[Records from a dataset]

◆ ◆ ◆ ◆

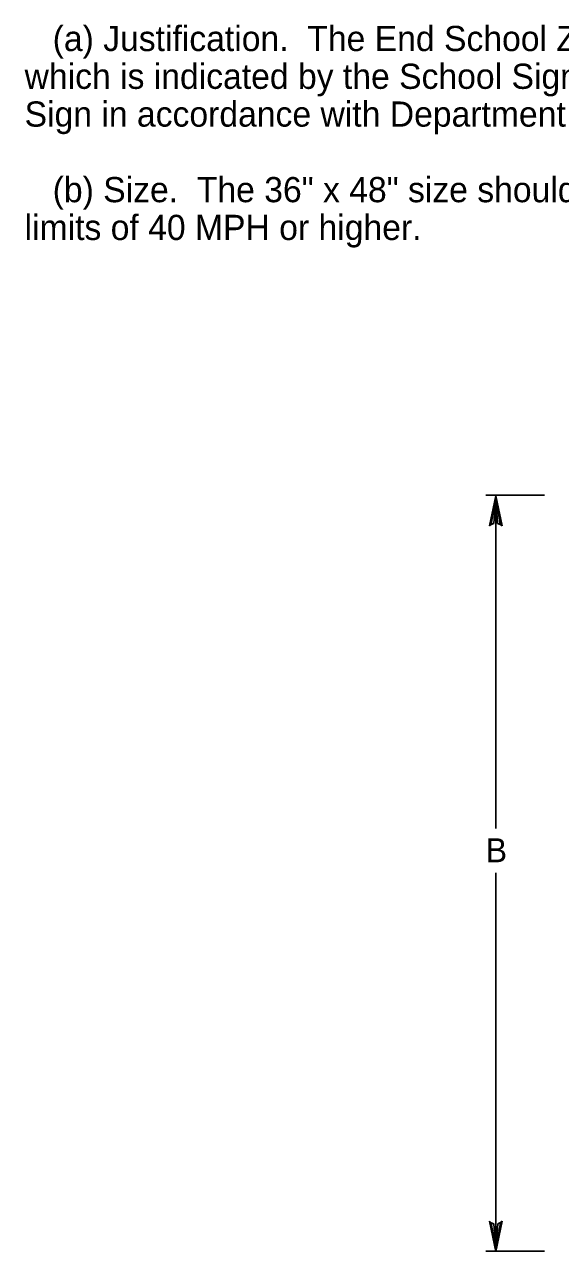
# Model space of a CAD drawing. Extents: x 0.012 to 0.188, y 0.004 to 0.259.
# Drawn here: x 0.0285 to 0.0817, y 0.1174 to 0.2391 of the extents above; entities that cross this region are included whole.
import ezdxf

# ---------------------------------------------------------------- set-up
doc = ezdxf.new("R2010")
doc.units = 0
doc.layers.add('2', color=7, linetype='Continuous')
doc.layers.add('3', color=7, linetype='Continuous')

# ---------------------------------------------------------------- blocks, each defined once
blk = doc.blocks.new('RARROW')
at = {"layer": '3'}
for p, q in [((-2.156, 0.285), (-2.2665, 0.384625)), ((-2.2665, 0.384625), (0, 0)), ((0, 0), (-2.2665, -0.379125)), ((-2.156, 0.285), (-2.075625, 0.12075)), ((0, 0), (-2.156, 0.285)), ((-2.14975, -0.2705), (0, 0)), ((-2.075625, 0.12075), (0, 0)), ((0, 0), (-2.074, -0.108)), ((-2.2665, -0.379125), (-2.14975, -0.2705)), ((-2.074, -0.108), (-2.14975, -0.2705))]:
    blk.add_line(p, q, dxfattribs=at)

msp = doc.modelspace()

# ---------------------------------------------------------------- linework, layer by layer
at = {"layer": '3'}
for p, q in [((0.08009, 0.19242), (0.07425, 0.19242)), ((0.07525, 0.15936), (0.07525, 0.19242)), ((0.07525, 0.15496), (0.07525, 0.11742)), ((0.08009, 0.11742), (0.07425, 0.11742))]:
    msp.add_line(p, q, dxfattribs=at)

# ---------------------------------------------------------------- block references
at = {"layer": '3', "xscale": 0.0013236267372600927, "yscale": 0.0016366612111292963}
for p, rotation in [((0.07525, 0.19237), 89.99999999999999), ((0.07525, 0.11738), -90.00000000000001)]:
    msp.add_blockref('RARROW', p, dxfattribs=dict(at, rotation=rotation))

# ---------------------------------------------------------------- texts
at = {"layer": '2'}
for s, height, p in [('   (a) Justification.  The End School Zone Sign (S5-2) shall be authorized for use at the end of a school zone ', 0.00249975, (0.0285, 0.2365)), ('which is indicated by the School Sign (S1-1), the School Panel (S4-3P) or the Variable School Speed Limit ', 0.00249975, (0.0285, 0.23275)), ('Sign in accordance with Department regulations.', 0.0024998, (0.0285, 0.229)), ('   (b) Size.  The 36" x 48" size should be used on roadways that have four or more lanes with posted speed ', 0.00249975, (0.0285, 0.2215)), ('limits of 40 MPH or higher.', 0.0024998, (0.0285, 0.21775))]:
    msp.add_text(s, height=height, dxfattribs=at).set_placement(p)
at = {"layer": '3'}
msp.add_text('B', height=0.00238, dxfattribs=at).set_placement((0.07425, 0.156))

doc.saveas('drawing.dxf')

◆ ◆ ◆ ◆

Please copy out each line above exactly as written, but not the pictures.

Response to this exercise:
# Model space of a CAD drawing. Extents: x 0.012 to 0.188, y 0.004 to 0.259.
# Drawn here: x 0.0285 to 0.0817, y 0.1174 to 0.2391 of the extents above; entities that cross this region are included whole.
import ezdxf

# ---------------------------------------------------------------- set-up
doc = ezdxf.new("R2010")
doc.units = 0
doc.layers.add('2', color=7, linetype='Continuous')
doc.layers.add('3', color=7, linetype='Continuous')

# ---------------------------------------------------------------- blocks, each defined once
blk = doc.blocks.new('RARROW')
at = {"layer": '3'}
for p, q in [((-2.156, 0.285), (-2.2665, 0.384625)), ((-2.2665, 0.384625), (0, 0)), ((0, 0), (-2.2665, -0.379125)), ((-2.156, 0.285), (-2.075625, 0.12075)), ((0, 0), (-2.156, 0.285)), ((-2.14975, -0.2705), (0, 0)), ((-2.075625, 0.12075), (0, 0)), ((0, 0), (-2.074, -0.108)), ((-2.2665, -0.379125), (-2.14975, -0.2705)), ((-2.074, -0.108), (-2.14975, -0.2705))]:
    blk.add_line(p, q, dxfattribs=at)

msp = doc.modelspace()

# ---------------------------------------------------------------- linework, layer by layer
at = {"layer": '3'}
for p, q in [((0.08009, 0.19242), (0.07425, 0.19242)), ((0.07525, 0.15936), (0.07525, 0.19242)), ((0.07525, 0.15496), (0.07525, 0.11742)), ((0.08009, 0.11742), (0.07425, 0.11742))]:
    msp.add_line(p, q, dxfattribs=at)

# ---------------------------------------------------------------- block references
at = {"layer": '3', "xscale": 0.0013236267372600927, "yscale": 0.0016366612111292963}
for p, rotation in [((0.07525, 0.19237), 89.99999999999999), ((0.07525, 0.11738), -90.00000000000001)]:
    msp.add_blockref('RARROW', p, dxfattribs=dict(at, rotation=rotation))

# ---------------------------------------------------------------- texts
at = {"layer": '2'}
for s, height, p in [('   (a) Justification.  The End School Zone Sign (S5-2) shall be authorized for use at the end of a school zone ', 0.00249975, (0.0285, 0.2365)), ('which is indicated by the School Sign (S1-1), the School Panel (S4-3P) or the Variable School Speed Limit ', 0.00249975, (0.0285, 0.23275)), ('Sign in accordance with Department regulations.', 0.0024998, (0.0285, 0.229)), ('   (b) Size.  The 36" x 48" size should be used on roadways that have four or more lanes with posted speed ', 0.00249975, (0.0285, 0.2215)), ('limits of 40 MPH or higher.', 0.0024998, (0.0285, 0.21775))]:
    msp.add_text(s, height=height, dxfattribs=at).set_placement(p)
at = {"layer": '3'}
msp.add_text('B', height=0.00238, dxfattribs=at).set_placement((0.07425, 0.156))

doc.saveas('drawing.dxf')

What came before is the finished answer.